=== Work order ===
Retype only the lines that run from the top of the material below to the line bearing "pattern=[1.6, 0.00254, -1.59746])", inclusive, and keep the pictures out.

=== Information shown ===
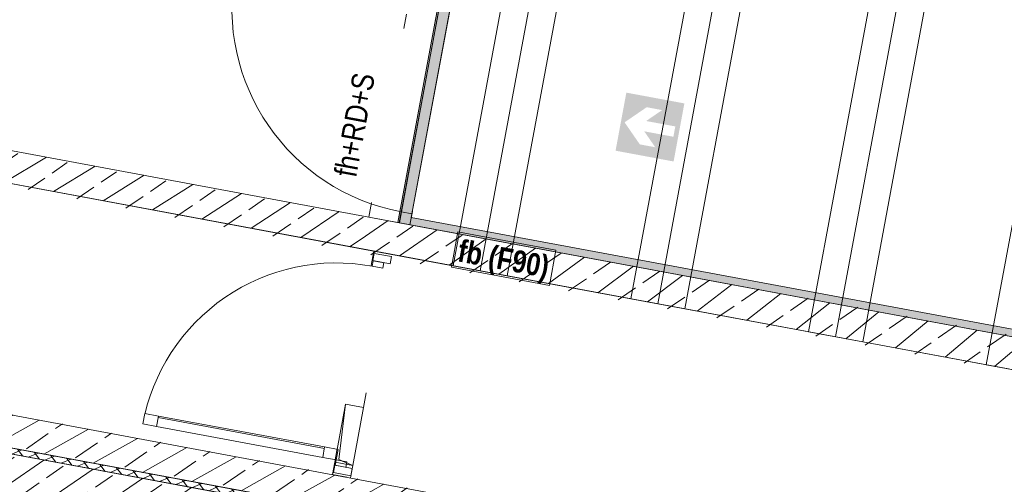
# Model space of a CAD drawing. Header units: metres. Extents: x 0 to 60282398, y -11592309 to 5708004.
# Tile 63 of 136: x 32353358.98 to 32353365.65, y 5707927.66 to 5707930.8. Entities that reach past the tile are written whole.
import ezdxf

# ---------------------------------------------------------------- set-up
doc = ezdxf.new("R2010")
doc.units = ezdxf.units.M
doc.header["$LTSCALE"] = 0.75
doc.set_wipeout_variables(frame=1)
doc.header["$PDSIZE"] = 5
doc.linetypes.add('10417023$0$#9_Achse', pattern=[1.6, 0.00254, -1.59746])
doc.layers.get('0').update_dxf_attribs({"linetype": 'CONTINUOUS'})
for name, color, linetype, lineweight in [('10417023$0$#9_002_GES I Übersicht Erdgeschoss_1_101_Wand Aussen.A', 7, 'CONTINUOUS', 25), ('10417023$0$#9_002_GES I Übersicht Erdgeschoss_1_102_Wand Innen.A', 7, 'CONTINUOUS', 25), ('10417023$0$#9_002_GES I Übersicht Erdgeschoss_1_113_Türen.A', 7, 'CONTINUOUS', 25), ('10417023$0$#9_002_GES I Übersicht Erdgeschoss_1_607b_Brandschutz 1_100', 7, 'CONTINUOUS', 25), ('10417023$0$#9_002_GES I Übersicht Erdgeschoss_1_Neubau_102_Wand Innen.A', 7, 'CONTINUOUS', 25), ('10417023$0$#9_002_GES I Übersicht Erdgeschoss_1_Neubau_104_Decken.A', 7, 'CONTINUOUS', 25), ('10417023$0$#9_002_GES I Übersicht Erdgeschoss_1_Neubau_202_Innenwandbekleidun', 7, 'CONTINUOUS', 25), ('10417023$0$Keine', 7, 'CONTINUOUS', 13)]:
    doc.layers.add(name, color=color, linetype=linetype, lineweight=lineweight)
doc.styles.add('10417023$0$ARIAL NARROW', font='ARIALN.TTF')
doc.styles.add('10417023$0$Arial Narrow (bold)', font='ARIALNB.TTF')
pattern_1 = [(44.99999999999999, (0, 0), (-0.1697056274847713, 0.1697056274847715), []), (44.99999999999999, (-0.08485281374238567, 0.08485281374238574), (-0.1697056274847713, 0.1697056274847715), [0.18, -0.05999999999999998])]

# ---------------------------------------------------------------- blocks, each defined once
blk = doc.blocks.new('10417023$0$#9_MKO_LP5_ARC_GES_UP_00_002_P_G_modell (3D)')
at = {"layer": '10417023$0$#9_002_GES I Übersicht Erdgeschoss_1_101_Wand Aussen.A', "linetype": 'Continuous', "lineweight": 5, "true_color": 0xff0000}
h = blk.add_hatch(dxfattribs=at)
h.set_pattern_fill('#9_DÄMMUNG__HART_1_0001', color=1, style=0, pattern_type=2)
h.set_pattern_definition([(44.99999999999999, (0, 0), (-0.05656854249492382, 0.05656854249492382), []), (135.0000000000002, (0, 0), (0.05656854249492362, 0.056568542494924), [])])
h.paths.add_polyline_path([(-32353496.34409519, -5707790.51957689), (-32353496.34409519, -5707790.559532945), (-32353480.474228, -5707790.559532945), (-32353480.474228, -5707790.51957689)])
at = {"layer": '10417023$0$#9_002_GES I Übersicht Erdgeschoss_1_607b_Brandschutz 1_100', "linetype": 'Continuous', "lineweight": 0, "true_color": 0xff0000}
h = blk.add_hatch(color=1, dxfattribs=at)
h.paths.add_polyline_path([(-32353483.36252769, -5707787.3922169), (-32353483.36252769, -5707787.792216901), (-32353482.96252769, -5707787.792216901), (-32353482.96252769, -5707787.3922169)])
h.paths.add_polyline_path([(-32353483.20888492, -5707787.464240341), (-32353483.10253773, -5707787.464240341), (-32353483.19548201, -5707787.556703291), (-32353482.99447903, -5707787.556703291), (-32353482.99447903, -5707787.627730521), (-32353483.19548201, -5707787.627730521), (-32353483.10253773, -5707787.720193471), (-32353483.20888492, -5707787.720193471), (-32353483.33752769, -5707787.592216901)])
at = {"layer": '10417023$0$#9_002_GES I Übersicht Erdgeschoss_1_Neubau_102_Wand Innen.A', "linetype": 'Continuous', "lineweight": 5, "true_color": 0xff0000}
h = blk.add_hatch(dxfattribs=at)
h.set_pattern_fill('#9_BETON__STAHLBETON_0001', color=1, style=0, pattern_type=2)
h.set_pattern_definition(pattern_1)
h.paths.add_polyline_path([(-32353488.38309519, -5707788.75957689), (-32353484.92409519, -5707788.75957689), (-32353484.92409519, -5707788.53957689), (-32353488.38309519, -5707788.53957689)])
h = blk.add_hatch(dxfattribs=at)
h.set_pattern_fill('#9_BETON__STAHLBETON_0001', color=1, style=0, pattern_type=2)
h.set_pattern_definition(pattern_1)
h.paths.add_polyline_path([(-32353480.474228, -5707790.559532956), (-32353496.72422805, -5707790.559532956), (-32353496.72422805, -5707790.779532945), (-32353480.474228, -5707790.779532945)])
at = {"layer": '10417023$0$#9_002_GES I Übersicht Erdgeschoss_1_101_Wand Aussen.A', "color": 1, "linetype": 'Continuous', "lineweight": 18, "true_color": 0xff0000, "flags": 128}
blk.add_lwpolyline([(-32353496.34409519, -5707790.51957689), (-32353480.474228, -5707790.51957689), (-32353480.474228, -5707790.559532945), (-32353496.34409519, -5707790.559532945)], close=True, dxfattribs=at)
at = {"layer": '10417023$0$#9_002_GES I Übersicht Erdgeschoss_1_102_Wand Innen.A', "color": 1, "linetype": 'Continuous', "lineweight": 18, "true_color": 0xff0000}
blk.add_line((-32353484.92409474, -5707788.539576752), (-32353484.67850761, -5707788.539576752), dxfattribs=at)
at = {"layer": '10417023$0$#9_002_GES I Übersicht Erdgeschoss_1_607b_Brandschutz 1_100', "color": 1, "linetype": 'Continuous', "lineweight": 13, "true_color": 0xff0000}
for p, q in [((-32353483.63722735, -5707788.528252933), (-32353484.31253779, -5707788.528252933)), ((-32353484.31253779, -5707788.528252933), (-32353484.31253779, -5707788.770900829)), ((-32353483.63722735, -5707788.770900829), (-32353483.63722735, -5707788.528252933)), ((-32353484.31253779, -5707788.770900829), (-32353483.63722735, -5707788.770900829))]:
    blk.add_line(p, q, dxfattribs=at)
at = {"layer": '10417023$0$#9_002_GES I Übersicht Erdgeschoss_1_Neubau_102_Wand Innen.A', "color": 1, "linetype": '10417023$0$#9_Achse', "lineweight": 13, "true_color": 0xff0000}
for p, q in [((-32353484.92409474, -5707788.539576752), (-32353484.92409474, -5707786.984597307)), ((-32353484.7240945, -5707788.539576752), (-32353484.7240945, -5707786.984597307))]:
    blk.add_line(p, q, dxfattribs=at)
at = {"layer": '10417023$0$#9_002_GES I Übersicht Erdgeschoss_1_Neubau_102_Wand Innen.A', "color": 1, "linetype": 'Continuous', "lineweight": 13, "true_color": 0xff0000}
for p, q in [((-32353484.71409449, -5707787.059598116), (-32353484.71409449, -5707788.464577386)), ((-32353484.64109455, -5707788.464577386), (-32353484.64109455, -5707787.059598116)), ((-32353484.64109455, -5707788.464577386), (-32353484.71409449, -5707788.464577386)), ((-32353484.71409449, -5707788.464577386), (-32353484.71409449, -5707788.539576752)), ((-32353484.71409449, -5707788.464577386), (-32353484.64109455, -5707788.464577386)), ((-32353484.64109455, -5707788.539576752), (-32353484.64109455, -5707788.449576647)), ((-32353484.64109455, -5707788.449576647), (-32353484.64109455, -5707788.464577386)), ((-32353484.72409519, -5707788.53957689), (-32353484.92409474, -5707788.539576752)), ((-32353484.71409449, -5707788.539576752), (-32353484.64109455, -5707788.539576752))]:
    blk.add_line(p, q, dxfattribs=at)
at = {"layer": '10417023$0$#9_002_GES I Übersicht Erdgeschoss_1_Neubau_102_Wand Innen.A', "color": 1, "linetype": 'Continuous', "lineweight": 18, "true_color": 0xff0000}
for p, q in [((-32353484.92409519, -5707788.53957689), (-32353488.38309519, -5707788.53957689)), ((-32353484.7240945, -5707788.539576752), (-32353484.92409474, -5707788.539576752)), ((-32353480.474228, -5707788.53957689), (-32353484.72409519, -5707788.53957689)), ((-32353488.38309519, -5707788.75957689), (-32353484.92409519, -5707788.75957689)), ((-32353496.12409519, -5707790.51957689), (-32353480.474228, -5707790.51957689)), ((-32353480.474228, -5707790.559532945), (-32353496.72422793, -5707790.559532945))]:
    blk.add_line(p, q, dxfattribs=at)
at = {"layer": '10417023$0$#9_002_GES I Übersicht Erdgeschoss_1_Neubau_102_Wand Innen.A', "color": 1, "linetype": 'Continuous', "lineweight": 13, "true_color": 0xff0000}
blk.add_arc((-32353484.71409518, -5707787.059597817), 1.404979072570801, 180.0000000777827, 269.9999998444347, dxfattribs=at)
at = {"layer": '10417023$0$#9_002_GES I Übersicht Erdgeschoss_1_Neubau_102_Wand Innen.A', "color": 1, "linetype": 'Continuous', "lineweight": 5, "true_color": 0xff0000, "transparency": 33554687}
blk.add_point((-32353484.72409519, -5707788.53957689), dxfattribs=at)
blk.add_point((-32353484.72409519, -5707788.53957689), dxfattribs=at)
at = {"layer": '10417023$0$#9_002_GES I Übersicht Erdgeschoss_1_Neubau_104_Decken.A', "color": 1, "linetype": 'Continuous', "lineweight": 13, "true_color": 0xff0000}
for p, q in [((-32353484.30251468, -5707788.759575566), (-32353484.30251468, -5707777.242827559)), ((-32353484.11601381, -5707788.759575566), (-32353484.11601381, -5707777.242827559)), ((-32353483.92951439, -5707788.759575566), (-32353483.92951439, -5707777.242827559)), ((-32353483.07751397, -5707788.759575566), (-32353483.07751397, -5707777.242827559)), ((-32353482.89101455, -5707788.759575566), (-32353482.89101455, -5707777.242827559)), ((-32353482.70451368, -5707788.759575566), (-32353482.70451368, -5707777.242827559)), ((-32353481.8525147, -5707788.759575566), (-32353481.8525147, -5707777.242827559)), ((-32353481.66601527, -5707788.759575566), (-32353481.66601527, -5707777.242827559)), ((-32353481.47951585, -5707788.759575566), (-32353481.47951585, -5707777.242827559)), ((-32353480.62751399, -5707788.759575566), (-32353480.62751399, -5707778.967313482)), ((-32353483.92951439, -5707788.759575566), (-32353484.30251468, -5707788.759575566)), ((-32353482.70451368, -5707788.759575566), (-32353483.07751397, -5707788.759575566)), ((-32353481.47951585, -5707788.759575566), (-32353481.8525147, -5707788.759575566)), ((-32353480.25451514, -5707788.759575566), (-32353480.62751399, -5707788.759575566))]:
    blk.add_line(p, q, dxfattribs=at)
at = {"layer": '10417023$0$#9_002_GES I Übersicht Erdgeschoss_1_Neubau_104_Decken.A', "color": 1, "linetype": 'Continuous', "lineweight": 13, "true_color": 0xff0000, "flags": 128}
for points in [[(-32353499.24365664, -5707781.952985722), (-32353499.24365668, -5707777.242828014), (-32353491.34430819, -5707777.240905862), (-32353491.34429377, -5707777.249004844), (-32353488.711808, -5707777.242914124), (-32353474.36909785, -5707777.203502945), (-32353467.58052395, -5707777.184627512), (-32353458.71420428, -5707777.159975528), (-32353458.7142043, -5707776.82162203), (-32353452.08528951, -5707776.852814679), (-32353452.08528951, -5707777.242828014), (-32353452.08528951, -5707779.426313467), (-32353449.88417032, -5707779.426313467), (-32353449.88417032, -5707779.646313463), (-32353454.47117382, -5707779.646313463), (-32353454.47117382, -5707790.51957689), (-32353496.34426422, -5707790.51957689), (-32353496.34426422, -5707785.84991685), (-32353499.24365677, -5707785.84991685)], [(-32353491.64409519, -5707777.192828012), (-32353499.24365668, -5707777.192828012), (-32353499.24365668, -5707790.51957689), (-32353454.47117381, -5707790.51957689), (-32353454.47117381, -5707779.376313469), (-32353454.47117381, -5707776.841971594), (-32353458.7151397, -5707776.821626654), (-32353458.71420428, -5707777.159982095), (-32353462.62409527, -5707777.170791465), (-32353462.62409527, -5707788.759576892), (-32353491.64409519, -5707788.759576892)], [(-32353484.71445275, -5707788.539576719), (-32353462.62409519, -5707788.539576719), (-32353462.62409519, -5707777.462827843), (-32353491.42409519, -5707777.462827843), (-32353491.42409519, -5707786.839576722), (-32353484.71445275, -5707786.839576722)], [(-32353502.88381506, -5707792.679515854), (-32353502.88381511, -5707803.129576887), (-32353502.84381653, -5707803.129576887), (-32353502.84381653, -5707809.004576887), (-32353499.08931621, -5707809.004576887), (-32353497.57443247, -5707809.004576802), (-32353497.57443247, -5707810.154576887), (-32353495.52481159, -5707810.154576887), (-32353495.52560609, -5707813.099577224), (-32353472.62422376, -5707813.099576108), (-32353472.62422743, -5707808.219546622), (-32353469.004228, -5707808.219576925), (-32353469.004228, -5707794.11457689), (-32353469.004228, -5707790.779532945), (-32353469.004228, -5707790.559532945), (-32353477.474228, -5707790.559532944), (-32353480.474228, -5707790.559532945), (-32353491.124228, -5707790.559532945), (-32353498.444228, -5707790.559532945), (-32353498.444228, -5707792.679576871)], [(-32353498.22421727, -5707790.559532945), (-32353502.84380439, -5707790.559532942), (-32353502.84380439, -5707813.099576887), (-32353495.47442851, -5707813.099576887), (-32353495.47442851, -5707809.05457689), (-32353482.84109309, -5707809.05457689), (-32353482.84357996, -5707813.099573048), (-32353472.62421726, -5707813.099573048), (-32353472.62421726, -5707811.259577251), (-32353472.62421726, -5707806.979589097), (-32353469.00380439, -5707806.979589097), (-32353469.00380439, -5707790.559532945)]]:
    blk.add_lwpolyline(points, close=True, dxfattribs=at)
at = {"layer": '10417023$0$#9_002_GES I Übersicht Erdgeschoss_1_Neubau_202_Innenwandbekleidun', "color": 1, "linetype": 'Continuous', "lineweight": 13, "true_color": 0xff0000}
for p, q in [((-32353484.72409519, -5707786.83957689), (-32353484.72409519, -5707788.53957689)), ((-32353484.64109519, -5707788.48957689), (-32353484.64109519, -5707786.83957689)), ((-32353484.72409519, -5707788.53957689), (-32353484.64109519, -5707788.53957689)), ((-32353480.474228, -5707788.48957689), (-32353484.64109519, -5707788.48957689)), ((-32353484.64109519, -5707788.53957689), (-32353480.474228, -5707788.53957689)), ((-32353484.72409518, -5707789.813718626), (-32353484.84909519, -5707789.813718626))]:
    blk.add_line(p, q, dxfattribs=at)
at = {"layer": '10417023$0$#9_002_GES I Übersicht Erdgeschoss_1_Neubau_202_Innenwandbekleidun', "color": 1, "linetype": 'Continuous', "true_color": 0xff0000}
for points in [[(-32353484.72409519, -5707786.83957689), (-32353484.72409519, -5707788.48957689), (-32353484.64109519, -5707786.83957689), (-32353484.64109519, -5707788.48957689)], [(-32353484.72409519, -5707788.53957689), (-32353484.64109519, -5707788.53957689), (-32353484.64109519, -5707788.48957689)], [(-32353484.72409519, -5707788.48957689), (-32353484.72409519, -5707788.53957689), (-32353484.64109519, -5707788.48957689)], [(-32353484.64109519, -5707788.53957689), (-32353480.474228, -5707788.53957689), (-32353484.64109519, -5707788.48957689), (-32353480.474228, -5707788.48957689)]]:
    blk.add_solid(points, dxfattribs=at)
at = {"layer": '10417023$0$#9_002_GES I Übersicht Erdgeschoss_1_607b_Brandschutz 1_100', "color": 1, "true_color": 0xff0000, "insert": (-32353485.13214413, -5707788.296798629), "char_height": 0.1502737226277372, "attachment_point": 4, "rotation": 90, "line_spacing_factor": 1.002187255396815, "style": '10417023$0$ARIAL NARROW'}
blk.add_mtext('fh+RD+S ', dxfattribs=at)
at = {"layer": '10417023$0$#9_002_GES I Übersicht Erdgeschoss_1_607b_Brandschutz 1_100', "color": 1, "true_color": 0xff0000, "insert": (-32353483.97488251, -5707788.671979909), "char_height": 0.1502737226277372, "attachment_point": 5, "line_spacing_factor": 1.002187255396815, "style": '10417023$0$Arial Narrow (bold)'}
blk.add_mtext('fb (F90) ', dxfattribs=at)
at = {"color": 1, "linetype": 'Continuous', "lineweight": 5, "true_color": 0xff0000}
blk.add_wipeout([(-32353484.935095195, -5707790.124576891), (-32353486.081095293, -5707790.124576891), (-32353486.081095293, -5707790.1965768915), (-32353484.935095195, -5707790.1965768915)], dxfattribs=at).dxf.layer = '10417023$0$#9_002_GES I Übersicht Erdgeschoss_1_113_Türen.A'
at = {"layer": '10417023$0$#9_002_GES I Übersicht Erdgeschoss_1_113_Türen.A', "color": 1, "linetype": 'Continuous', "lineweight": 13, "true_color": 0xff0000}
for p, q in [((-32353484.93509518, -5707790.124576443), (-32353486.08109479, -5707790.124576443)), ((-32353484.93509518, -5707790.134576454), (-32353486.08109479, -5707790.134576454)), ((-32353484.93509518, -5707790.196577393), (-32353486.08109479, -5707790.196577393))]:
    blk.add_line(p, q, dxfattribs=at)
at = {"layer": '10417023$0$#9_002_GES I Übersicht Erdgeschoss_1_113_Türen.A', "color": 1, "linetype": 'Continuous', "lineweight": 13, "true_color": 0xff0000, "flags": 128}
blk.add_lwpolyline([(-32353484.93509519, -5707790.124576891), (-32353486.08109529, -5707790.124576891), (-32353486.08109529, -5707790.196576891), (-32353484.93509519, -5707790.196576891)], close=True, dxfattribs=at)
at = {"layer": '10417023$0$#9_002_GES I Übersicht Erdgeschoss_1_113_Türen.A', "color": 1, "linetype": 'Continuous', "lineweight": 13, "true_color": 0xff0000}
blk.add_arc((-32353484.84109519, -5707790.196576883), 1.334000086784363, 89.99999983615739, 180.0000003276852, dxfattribs=at)
at = {"color": 1, "linetype": 'Continuous', "lineweight": 5, "true_color": 0xff0000}
for points in [[(-32353484.769095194, -5707788.824576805), (-32353484.84109519, -5707788.824576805), (-32353484.84109519, -5707788.862576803), (-32353484.769095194, -5707788.862576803)], [(-32353486.081095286, -5707790.124576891), (-32353486.175095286, -5707790.124576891), (-32353486.175095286, -5707790.196576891), (-32353486.081095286, -5707790.196576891)], [(-32353484.841095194, -5707790.124576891), (-32353484.93509519, -5707790.124576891), (-32353484.93509519, -5707790.196576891), (-32353484.841095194, -5707790.196576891)]]:
    blk.add_wipeout(points, dxfattribs=at).dxf.layer = '10417023$0$#9_002_GES I Übersicht Erdgeschoss_1_113_Türen.A'
at = {"layer": '10417023$0$#9_002_GES I Übersicht Erdgeschoss_1_113_Türen.A', "color": 1, "linetype": 'Continuous', "lineweight": 13, "true_color": 0xff0000, "flags": 128}
for points in [[(-32353484.76909519, -5707788.824576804), (-32353484.76909519, -5707788.862576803), (-32353484.84109519, -5707788.862576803), (-32353484.84109519, -5707788.824576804)], [(-32353486.08109529, -5707790.124576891), (-32353486.17509529, -5707790.124576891), (-32353486.17509529, -5707790.196576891), (-32353486.08109529, -5707790.196576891)], [(-32353484.84109519, -5707790.124576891), (-32353484.93509519, -5707790.124576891), (-32353484.93509519, -5707790.196576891), (-32353484.84109519, -5707790.196576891)]]:
    blk.add_lwpolyline(points, close=True, dxfattribs=at)
at = {"color": 1, "linetype": 'Continuous', "lineweight": 5, "true_color": 0xff0000}
for points in [[(-32353484.72409518, -5707788.7745768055), (-32353484.84409518, -5707788.7745768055), (-32353484.84409518, -5707788.824576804), (-32353484.72409518, -5707788.824576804)], [(-32353484.84109519, -5707790.234576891), (-32353484.769095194, -5707790.234576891), (-32353484.769095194, -5707790.196576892), (-32353484.84109519, -5707790.196576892)]]:
    blk.add_wipeout(points, dxfattribs=at).dxf.layer = '10417023$0$#9_002_GES I Übersicht Erdgeschoss_1_113_Türen.A'
at = {"layer": '10417023$0$#9_002_GES I Übersicht Erdgeschoss_1_Neubau_102_Wand Innen.A', "linetype": 'Continuous', "lineweight": 5, "true_color": 0xff0000}
h = blk.add_hatch(dxfattribs=at)
h.set_pattern_fill('#9_BETON__STAHLBETON_0001', color=1, style=0, pattern_type=2)
h.set_pattern_definition(pattern_1)
h.paths.add_polyline_path([(-32353484.92409519, -5707788.53957689), (-32353484.92409519, -5707788.75957689), (-32353480.474228, -5707788.75957689), (-32353480.474228, -5707788.53957689)])
at = {"layer": '10417023$0$#9_002_GES I Übersicht Erdgeschoss_1_113_Türen.A', "color": 1, "linetype": 'Continuous', "lineweight": 13, "true_color": 0xff0000, "flags": 128}
for points in [[(-32353484.72409519, -5707788.774576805), (-32353484.72409519, -5707788.824576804), (-32353484.84409519, -5707788.824576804), (-32353484.84409519, -5707788.774576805)], [(-32353484.84109519, -5707790.23457689), (-32353484.84109519, -5707790.196576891), (-32353484.76909519, -5707790.196576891), (-32353484.76909519, -5707790.23457689)]]:
    blk.add_lwpolyline(points, close=True, dxfattribs=at)
at = {"layer": '10417023$0$#9_002_GES I Übersicht Erdgeschoss_1_Neubau_102_Wand Innen.A', "color": 1, "linetype": 'Continuous', "lineweight": 18, "true_color": 0xff0000}
blk.add_line((-32353484.92409519, -5707788.75957689), (-32353480.474228, -5707788.75957689), dxfattribs=at)
at = {"layer": '10417023$0$#9_002_GES I Übersicht Erdgeschoss_1_Neubau_202_Innenwandbekleidun', "color": 1, "linetype": '10417023$0$#9_Achse', "lineweight": 13, "true_color": 0xff0000}
for p, q in [((-32353484.84909519, -5707788.75957689), (-32353484.84909519, -5707789.813718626)), ((-32353484.72409519, -5707788.75957689), (-32353484.84909519, -5707788.75957689)), ((-32353484.72409519, -5707789.813718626), (-32353484.72409519, -5707788.75957689))]:
    blk.add_line(p, q, dxfattribs=at)
at = {"layer": '10417023$0$#9_002_GES I Übersicht Erdgeschoss_1_Neubau_202_Innenwandbekleidun', "color": 1, "linetype": 'Continuous', "lineweight": 13, "true_color": 0xff0000}
blk.add_line((-32353484.82528561, -5707790.189909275), (-32353484.84909537, -5707789.813718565), dxfattribs=at)
at = {"color": 1, "linetype": 'Continuous', "lineweight": 5, "true_color": 0xff0000}
blk.add_wipeout([(-32353484.72409518, -5707790.23457689), (-32353484.84409518, -5707790.23457689), (-32353484.84409518, -5707790.284576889), (-32353484.72409518, -5707790.284576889)], dxfattribs=at).dxf.layer = '10417023$0$#9_002_GES I Übersicht Erdgeschoss_1_113_Türen.A'
at = {"layer": '10417023$0$#9_002_GES I Übersicht Erdgeschoss_1_Neubau_102_Wand Innen.A', "linetype": 'Continuous', "lineweight": 5, "true_color": 0xff0000}
h = blk.add_hatch(dxfattribs=at)
h.set_pattern_fill('#9_BETON__STAHLBETON_0001', color=1, style=0, pattern_type=2)
h.set_pattern_definition(pattern_1)
h.paths.add_polyline_path([(-32353480.474228, -5707790.29957689), (-32353496.12409519, -5707790.29957689), (-32353496.12409519, -5707790.51957689), (-32353480.474228, -5707790.51957689)])
at = {"layer": '10417023$0$#9_002_GES I Übersicht Erdgeschoss_1_113_Türen.A', "color": 1, "linetype": 'Continuous', "lineweight": 13, "true_color": 0xff0000, "flags": 128}
blk.add_lwpolyline([(-32353484.72409519, -5707790.23457689), (-32353484.72409519, -5707790.28457689), (-32353484.84409519, -5707790.28457689), (-32353484.84409519, -5707790.23457689)], close=True, dxfattribs=at)
at = {"layer": '10417023$0$#9_002_GES I Übersicht Erdgeschoss_1_Neubau_102_Wand Innen.A', "color": 1, "linetype": 'Continuous', "lineweight": 18, "true_color": 0xff0000}
blk.add_line((-32353480.474228, -5707790.29957689), (-32353493.64409519, -5707790.29957689), dxfattribs=at)
at = {"layer": '10417023$0$#9_002_GES I Übersicht Erdgeschoss_1_Neubau_202_Innenwandbekleidun', "color": 1, "linetype": 'Continuous', "lineweight": 13, "true_color": 0xff0000}
for p, q in [((-32353484.84909519, -5707789.813718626), (-32353484.84909519, -5707790.213718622)), ((-32353484.72409518, -5707790.213718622), (-32353484.72409518, -5707789.813718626)), ((-32353484.7240945, -5707790.213719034), (-32353484.82528561, -5707790.189909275)), ((-32353484.84909519, -5707790.213718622), (-32353484.72409518, -5707790.213718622))]:
    blk.add_line(p, q, dxfattribs=at)
at = {"layer": '10417023$0$#9_002_GES I Übersicht Erdgeschoss_1_Neubau_202_Innenwandbekleidun', "color": 1, "linetype": '10417023$0$#9_Achse', "lineweight": 13, "true_color": 0xff0000}
for p, q in [((-32353484.84909519, -5707790.213718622), (-32353484.84909519, -5707790.29957689)), ((-32353484.72409519, -5707790.29957689), (-32353484.72409519, -5707790.213718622)), ((-32353484.84909519, -5707790.29957689), (-32353484.72409519, -5707790.29957689))]:
    blk.add_line(p, q, dxfattribs=at)
blk = doc.blocks.new('10417023$0$2_MKO_LP5_LAN_GES_UP_00_002_V_A (3D)')
at = {"layer": '10417023$0$Keine'}
blk.add_blockref('10417023$0$#9_MKO_LP5_ARC_GES_UP_00_002_P_G_modell (3D)', (0, 0), dxfattribs=at)
blk = doc.blocks.new('10417023')
at = {"layer": '10417023$0$Keine', "rotation": 349.4819372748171}
blk.add_blockref('10417023$0$2_MKO_LP5_LAN_GES_UP_00_002_V_A (3D)', (65205154.93137175, 5413829.557758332), dxfattribs=at)

msp = doc.modelspace()

# ---------------------------------------------------------------- block references
msp.add_blockref('10417023', (0, 0))

doc.saveas('drawing.dxf')

=== The answer ===
# Model space of a CAD drawing. Header units: metres. Extents: x 0 to 60282398, y -11592309 to 5708004.
# Tile 63 of 136: x 32353358.98 to 32353365.65, y 5707927.66 to 5707930.8. Entities that reach past the tile are written whole.
import ezdxf

# ---------------------------------------------------------------- set-up
doc = ezdxf.new("R2010")
doc.units = ezdxf.units.M
doc.header["$LTSCALE"] = 0.75
doc.set_wipeout_variables(frame=1)
doc.header["$PDSIZE"] = 5
doc.linetypes.add('10417023$0$#9_Achse', pattern=[1.6, 0.00254, -1.59746])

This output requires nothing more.